Task input section start
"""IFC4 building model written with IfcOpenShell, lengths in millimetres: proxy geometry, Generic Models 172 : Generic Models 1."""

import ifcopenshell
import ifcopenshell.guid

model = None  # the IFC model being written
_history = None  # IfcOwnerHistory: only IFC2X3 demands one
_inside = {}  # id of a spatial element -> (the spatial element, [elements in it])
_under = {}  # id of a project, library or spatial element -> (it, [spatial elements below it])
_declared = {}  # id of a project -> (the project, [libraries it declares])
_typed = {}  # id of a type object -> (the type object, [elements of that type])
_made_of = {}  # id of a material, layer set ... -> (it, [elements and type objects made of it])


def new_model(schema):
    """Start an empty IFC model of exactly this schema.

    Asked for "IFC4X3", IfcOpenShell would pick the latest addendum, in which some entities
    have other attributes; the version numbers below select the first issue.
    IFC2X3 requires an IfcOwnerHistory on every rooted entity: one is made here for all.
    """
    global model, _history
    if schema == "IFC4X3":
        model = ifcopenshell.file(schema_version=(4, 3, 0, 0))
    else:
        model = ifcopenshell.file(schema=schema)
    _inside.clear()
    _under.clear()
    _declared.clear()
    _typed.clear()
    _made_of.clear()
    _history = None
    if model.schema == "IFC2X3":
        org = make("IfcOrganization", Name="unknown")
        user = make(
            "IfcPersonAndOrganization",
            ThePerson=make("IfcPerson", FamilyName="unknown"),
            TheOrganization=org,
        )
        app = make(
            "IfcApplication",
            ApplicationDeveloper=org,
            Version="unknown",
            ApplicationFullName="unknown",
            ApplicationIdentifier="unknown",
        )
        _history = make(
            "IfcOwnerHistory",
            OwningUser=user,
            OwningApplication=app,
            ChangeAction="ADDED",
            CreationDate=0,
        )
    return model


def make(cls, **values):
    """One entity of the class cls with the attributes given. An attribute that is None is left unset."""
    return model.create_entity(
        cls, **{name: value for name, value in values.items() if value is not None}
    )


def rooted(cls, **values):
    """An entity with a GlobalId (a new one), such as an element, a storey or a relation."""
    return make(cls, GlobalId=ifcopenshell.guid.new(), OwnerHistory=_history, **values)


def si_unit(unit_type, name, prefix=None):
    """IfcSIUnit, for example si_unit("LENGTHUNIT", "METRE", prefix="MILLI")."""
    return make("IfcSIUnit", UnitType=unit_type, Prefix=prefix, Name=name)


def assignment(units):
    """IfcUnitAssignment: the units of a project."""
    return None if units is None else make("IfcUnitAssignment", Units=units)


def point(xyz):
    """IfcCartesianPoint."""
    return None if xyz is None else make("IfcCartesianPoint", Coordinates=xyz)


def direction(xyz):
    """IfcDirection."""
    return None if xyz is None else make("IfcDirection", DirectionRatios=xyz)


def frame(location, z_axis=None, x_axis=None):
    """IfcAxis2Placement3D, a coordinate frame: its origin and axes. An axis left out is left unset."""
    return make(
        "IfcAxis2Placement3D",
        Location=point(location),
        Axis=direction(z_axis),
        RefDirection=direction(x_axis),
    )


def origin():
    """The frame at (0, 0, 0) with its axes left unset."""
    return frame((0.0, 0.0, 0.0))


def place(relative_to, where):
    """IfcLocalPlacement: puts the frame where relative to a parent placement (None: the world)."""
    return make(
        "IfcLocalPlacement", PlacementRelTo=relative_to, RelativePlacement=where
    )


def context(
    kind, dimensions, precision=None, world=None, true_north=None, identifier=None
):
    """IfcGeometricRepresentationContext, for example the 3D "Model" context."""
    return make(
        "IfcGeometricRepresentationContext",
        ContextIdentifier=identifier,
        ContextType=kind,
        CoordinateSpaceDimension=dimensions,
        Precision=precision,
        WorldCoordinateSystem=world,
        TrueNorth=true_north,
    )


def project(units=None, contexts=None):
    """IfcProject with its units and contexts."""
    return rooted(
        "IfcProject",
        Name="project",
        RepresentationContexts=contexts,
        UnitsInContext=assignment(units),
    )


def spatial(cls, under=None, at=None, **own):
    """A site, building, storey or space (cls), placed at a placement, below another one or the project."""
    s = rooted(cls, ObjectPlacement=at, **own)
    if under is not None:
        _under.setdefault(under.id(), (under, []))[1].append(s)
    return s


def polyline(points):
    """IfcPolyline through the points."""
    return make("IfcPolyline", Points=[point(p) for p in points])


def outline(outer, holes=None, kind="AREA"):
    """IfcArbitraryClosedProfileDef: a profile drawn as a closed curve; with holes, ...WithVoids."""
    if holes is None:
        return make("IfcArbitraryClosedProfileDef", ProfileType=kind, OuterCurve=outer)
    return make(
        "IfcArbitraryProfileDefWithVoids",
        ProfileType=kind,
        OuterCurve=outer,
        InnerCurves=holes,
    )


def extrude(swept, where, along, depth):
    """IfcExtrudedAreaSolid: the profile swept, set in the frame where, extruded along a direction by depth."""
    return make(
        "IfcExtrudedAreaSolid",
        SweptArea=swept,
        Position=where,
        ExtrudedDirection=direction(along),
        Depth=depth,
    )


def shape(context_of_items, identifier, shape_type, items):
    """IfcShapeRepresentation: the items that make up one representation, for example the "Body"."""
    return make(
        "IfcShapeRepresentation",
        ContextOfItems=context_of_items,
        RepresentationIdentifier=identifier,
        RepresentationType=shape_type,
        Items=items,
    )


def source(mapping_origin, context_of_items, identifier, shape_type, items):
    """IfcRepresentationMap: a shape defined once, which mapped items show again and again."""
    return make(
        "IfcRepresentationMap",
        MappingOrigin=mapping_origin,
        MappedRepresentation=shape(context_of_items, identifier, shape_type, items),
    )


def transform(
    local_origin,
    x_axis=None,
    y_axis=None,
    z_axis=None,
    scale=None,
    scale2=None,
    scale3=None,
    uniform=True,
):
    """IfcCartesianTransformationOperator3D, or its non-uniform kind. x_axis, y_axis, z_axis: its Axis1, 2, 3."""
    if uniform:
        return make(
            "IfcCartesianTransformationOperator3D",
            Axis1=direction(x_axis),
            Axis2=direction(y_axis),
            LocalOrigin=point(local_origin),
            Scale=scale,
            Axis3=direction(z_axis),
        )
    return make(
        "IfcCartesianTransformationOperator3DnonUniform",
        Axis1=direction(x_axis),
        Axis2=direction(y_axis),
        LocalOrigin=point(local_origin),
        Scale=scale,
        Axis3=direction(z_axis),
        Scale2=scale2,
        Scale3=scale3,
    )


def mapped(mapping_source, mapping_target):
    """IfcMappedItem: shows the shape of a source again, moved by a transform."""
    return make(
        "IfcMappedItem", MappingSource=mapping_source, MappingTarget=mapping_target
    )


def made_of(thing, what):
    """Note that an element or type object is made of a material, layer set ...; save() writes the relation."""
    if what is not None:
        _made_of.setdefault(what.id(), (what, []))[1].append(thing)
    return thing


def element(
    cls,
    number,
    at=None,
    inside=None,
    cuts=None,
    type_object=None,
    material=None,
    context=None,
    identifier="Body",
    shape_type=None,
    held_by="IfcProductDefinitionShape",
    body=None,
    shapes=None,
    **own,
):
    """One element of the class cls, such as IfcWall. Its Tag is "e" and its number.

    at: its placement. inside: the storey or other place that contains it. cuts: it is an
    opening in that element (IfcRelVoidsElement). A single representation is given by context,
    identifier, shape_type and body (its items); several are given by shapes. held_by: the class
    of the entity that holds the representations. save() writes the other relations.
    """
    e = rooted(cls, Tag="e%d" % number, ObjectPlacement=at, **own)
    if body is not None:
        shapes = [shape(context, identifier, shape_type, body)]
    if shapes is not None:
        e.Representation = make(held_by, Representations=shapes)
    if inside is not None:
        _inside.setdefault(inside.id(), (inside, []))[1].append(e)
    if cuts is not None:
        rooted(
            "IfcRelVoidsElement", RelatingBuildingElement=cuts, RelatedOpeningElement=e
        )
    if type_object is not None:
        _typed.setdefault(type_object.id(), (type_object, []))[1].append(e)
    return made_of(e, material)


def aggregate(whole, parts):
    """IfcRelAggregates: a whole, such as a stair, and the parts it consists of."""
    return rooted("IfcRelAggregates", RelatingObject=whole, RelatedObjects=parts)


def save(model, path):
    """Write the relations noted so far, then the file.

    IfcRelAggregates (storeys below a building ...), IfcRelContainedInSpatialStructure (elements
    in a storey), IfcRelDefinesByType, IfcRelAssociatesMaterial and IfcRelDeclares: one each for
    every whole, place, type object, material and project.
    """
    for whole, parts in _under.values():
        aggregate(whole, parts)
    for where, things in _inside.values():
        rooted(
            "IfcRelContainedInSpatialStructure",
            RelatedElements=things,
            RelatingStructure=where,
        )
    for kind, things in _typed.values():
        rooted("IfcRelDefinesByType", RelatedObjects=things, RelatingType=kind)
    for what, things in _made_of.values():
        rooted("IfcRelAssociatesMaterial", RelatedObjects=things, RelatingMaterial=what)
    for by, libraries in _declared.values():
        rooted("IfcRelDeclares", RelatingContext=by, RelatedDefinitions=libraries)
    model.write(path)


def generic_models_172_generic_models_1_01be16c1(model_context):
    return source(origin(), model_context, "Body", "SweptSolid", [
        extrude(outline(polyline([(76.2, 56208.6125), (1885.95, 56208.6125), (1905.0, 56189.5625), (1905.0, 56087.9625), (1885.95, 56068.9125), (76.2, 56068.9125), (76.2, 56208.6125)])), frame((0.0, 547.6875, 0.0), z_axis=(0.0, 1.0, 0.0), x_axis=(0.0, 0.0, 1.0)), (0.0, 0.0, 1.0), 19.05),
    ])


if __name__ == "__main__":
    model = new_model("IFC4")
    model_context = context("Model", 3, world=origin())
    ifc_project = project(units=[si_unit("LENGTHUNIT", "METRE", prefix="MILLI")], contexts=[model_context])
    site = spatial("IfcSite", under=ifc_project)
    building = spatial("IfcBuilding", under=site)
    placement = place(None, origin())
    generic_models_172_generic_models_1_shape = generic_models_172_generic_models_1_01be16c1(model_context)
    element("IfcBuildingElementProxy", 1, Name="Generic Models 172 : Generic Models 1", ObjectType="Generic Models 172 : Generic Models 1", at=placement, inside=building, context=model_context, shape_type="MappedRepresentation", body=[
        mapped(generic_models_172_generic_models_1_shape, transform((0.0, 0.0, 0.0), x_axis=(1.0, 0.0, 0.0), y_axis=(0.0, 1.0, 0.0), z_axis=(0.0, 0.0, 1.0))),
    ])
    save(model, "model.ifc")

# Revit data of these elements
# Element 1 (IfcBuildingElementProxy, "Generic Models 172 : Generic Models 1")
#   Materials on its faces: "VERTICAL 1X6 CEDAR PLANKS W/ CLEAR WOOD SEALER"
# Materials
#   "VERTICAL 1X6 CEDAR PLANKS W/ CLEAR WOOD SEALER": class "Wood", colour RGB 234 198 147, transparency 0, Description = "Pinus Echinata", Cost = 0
Task input section end
Sift the material for lines that include the word "every", and copy each one.

    IFC2X3 requires an IfcOwnerHistory on every rooted entity: one is made here for all.
    every whole, place, type object, material and project.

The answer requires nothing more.